What is being asked. Using the listing below, report each line holding the string "SCREW".
START The data
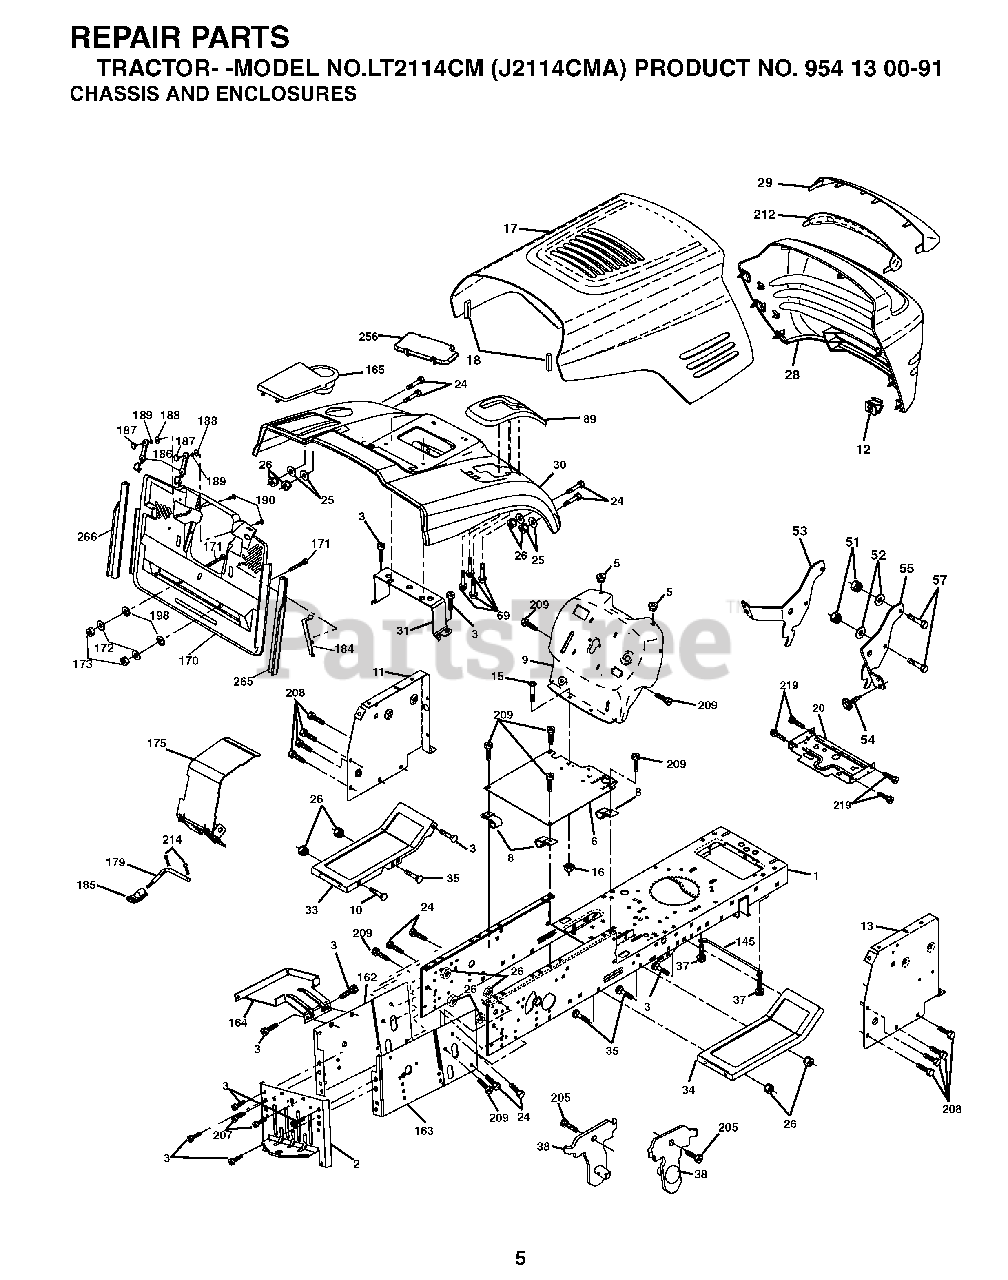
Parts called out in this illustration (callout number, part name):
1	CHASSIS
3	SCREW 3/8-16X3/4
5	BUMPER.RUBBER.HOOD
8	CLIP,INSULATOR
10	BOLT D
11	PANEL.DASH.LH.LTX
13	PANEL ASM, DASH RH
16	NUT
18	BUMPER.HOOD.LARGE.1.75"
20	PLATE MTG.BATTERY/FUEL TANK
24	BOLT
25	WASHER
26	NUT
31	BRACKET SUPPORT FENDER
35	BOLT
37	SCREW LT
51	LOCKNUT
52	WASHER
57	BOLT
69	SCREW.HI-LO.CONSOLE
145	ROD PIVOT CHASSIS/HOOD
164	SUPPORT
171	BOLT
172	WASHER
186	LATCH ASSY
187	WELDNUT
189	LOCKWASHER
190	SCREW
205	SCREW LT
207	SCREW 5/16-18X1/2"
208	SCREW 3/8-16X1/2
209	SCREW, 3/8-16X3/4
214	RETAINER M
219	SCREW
END The data
Written solution.
3	SCREW 3/8-16X3/4
37	SCREW LT
69	SCREW.HI-LO.CONSOLE
190	SCREW
205	SCREW LT
207	SCREW 5/16-18X1/2"
208	SCREW 3/8-16X1/2
209	SCREW, 3/8-16X3/4
219	SCREW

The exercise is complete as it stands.